Human beings are inherently hardwired to make categorical distinctions, ergo, are predisposed to some implicit biases that have us involuntarily applying stereotypes to people in our daily interactions. Some of these prejudices may have been passed on to us from our families of origin through a process of cultural osmosis of sorts. After all, the essence of man is an amalgam of nature and nurture. By this mere fact, anyone of us can be bigoted. With the air currently being polluted with insidious “us vs. them” political rhetoric, it is possible that certain dormant prejudices are being activated and where they were completely missing, they are being subtly planted.


Ethnic meanings can be read into many things and we must all remember that diversity is not only positive but also essential to the survival and thriving of each one of us.

There is nothing to be gained by maligning each other based on our disparateness. In our respective differences we all bring diverse values, strengths, talents, networks and solutions that are all integral to the running of the country Kenya.

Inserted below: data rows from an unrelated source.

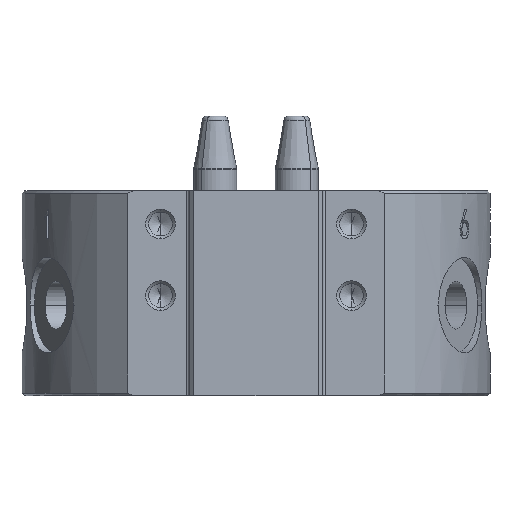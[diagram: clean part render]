
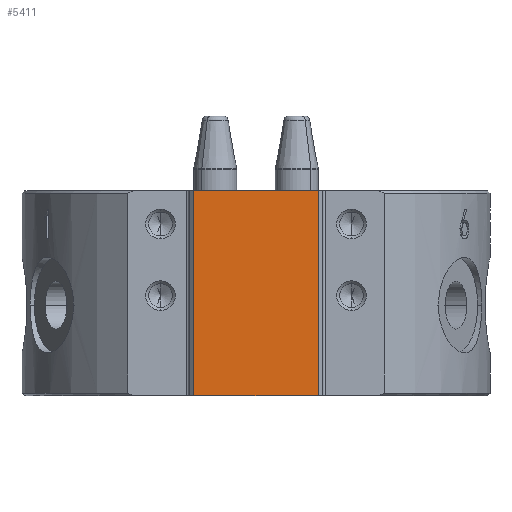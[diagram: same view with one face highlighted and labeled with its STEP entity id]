
A CAD part, front view. The second image highlights one B-rep face of the part: STEP entity #5411.
In plain terms, the highlighted planar face has unit normal (0, -1, 0).
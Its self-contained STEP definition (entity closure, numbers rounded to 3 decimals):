
#108 = EDGE_CURVE ( 'NONE', #7521, #2746, #4914, .T. ) ;
#173 = ORIENTED_EDGE ( 'NONE', *, *, #3800, .T. ) ;
#253 = EDGE_CURVE ( 'NONE', #9853, #3226, #4034, .T. ) ;
#1315 = CARTESIAN_POINT ( 'NONE',  ( 7., -22.5, 0. ) ) ;
#1824 = LINE ( 'NONE', #1315, #9048 ) ;
#1970 = CARTESIAN_POINT ( 'NONE',  ( 6.5, -22.5, -48.629 ) ) ;
#2426 = CARTESIAN_POINT ( 'NONE',  ( -6.5, -22.5, 0. ) ) ;
#2665 = ORIENTED_EDGE ( 'NONE', *, *, #253, .T. ) ;
#2746 = VERTEX_POINT ( 'NONE', #10585 ) ;
#3143 = DIRECTION ( 'NONE',  ( 0., 0., 1. ) ) ;
#3183 = DIRECTION ( 'NONE',  ( -1., 0., 0. ) ) ;
#3226 = VERTEX_POINT ( 'NONE', #10169 ) ;
#3800 = EDGE_CURVE ( 'NONE', #2746, #9853, #5026, .T. ) ;
#4034 = LINE ( 'NONE', #1970, #6233 ) ;
#4091 = ORIENTED_EDGE ( 'NONE', *, *, #108, .T. ) ;
#4899 = CARTESIAN_POINT ( 'NONE',  ( -6.5, -22.5, -48.629 ) ) ;
#4914 = LINE ( 'NONE', #4899, #9972 ) ;
#5026 = LINE ( 'NONE', #10043, #9807 ) ;
#5411 = ADVANCED_FACE ( 'NONE', ( #6374 ), #11582, .F. ) ;
#5738 = ORIENTED_EDGE ( 'NONE', *, *, #7206, .T. ) ;
#6233 = VECTOR ( 'NONE', #8238, 1000. ) ;
#6374 = FACE_OUTER_BOUND ( 'NONE', #11685, .T. ) ;
#7206 = EDGE_CURVE ( 'NONE', #3226, #7521, #1824, .T. ) ;
#7521 = VERTEX_POINT ( 'NONE', #2426 ) ;
#7689 = DIRECTION ( 'NONE',  ( 0., 0., -1. ) ) ;
#8238 = DIRECTION ( 'NONE',  ( 0., 0., 1. ) ) ;
#8700 = CARTESIAN_POINT ( 'NONE',  ( 6.5, -22.5, -21.5 ) ) ;
#8812 = DIRECTION ( 'NONE',  ( 0., 1., 0. ) ) ;
#9048 = VECTOR ( 'NONE', #3183, 1000. ) ;
#9807 = VECTOR ( 'NONE', #10244, 1000. ) ;
#9853 = VERTEX_POINT ( 'NONE', #8700 ) ;
#9972 = VECTOR ( 'NONE', #7689, 1000. ) ;
#10043 = CARTESIAN_POINT ( 'NONE',  ( 7., -22.5, -21.5 ) ) ;
#10169 = CARTESIAN_POINT ( 'NONE',  ( 6.5, -22.5, 0. ) ) ;
#10244 = DIRECTION ( 'NONE',  ( 1., 0., 0. ) ) ;
#10585 = CARTESIAN_POINT ( 'NONE',  ( -6.5, -22.5, -21.5 ) ) ;
#10638 = CARTESIAN_POINT ( 'NONE',  ( 7., -22.5, -48.629 ) ) ;
#11582 = PLANE ( 'NONE',  #12167 ) ;
#11685 = EDGE_LOOP ( 'NONE', ( #173, #2665, #5738, #4091 ) ) ;
#12167 = AXIS2_PLACEMENT_3D ( 'NONE', #10638, #8812, #3143 ) ;

The call to action is for politicians to be more responsible and measured in their speech as they go around the country campaigning so as not to magnify the differences between citizens for their own political gains. But many a politician cannot be trusted to keep their word, so it is then the sacred responsibility of each and every Kenyan citizen to respect and think highly not only of themselves and their kin but of everyone else they encounter comes in to play. We should all make deliberate efforts to override and ‘short’ our respective internal circuits so that we transcend our various bigoted identities and strive to live at peace with everyone in our localities.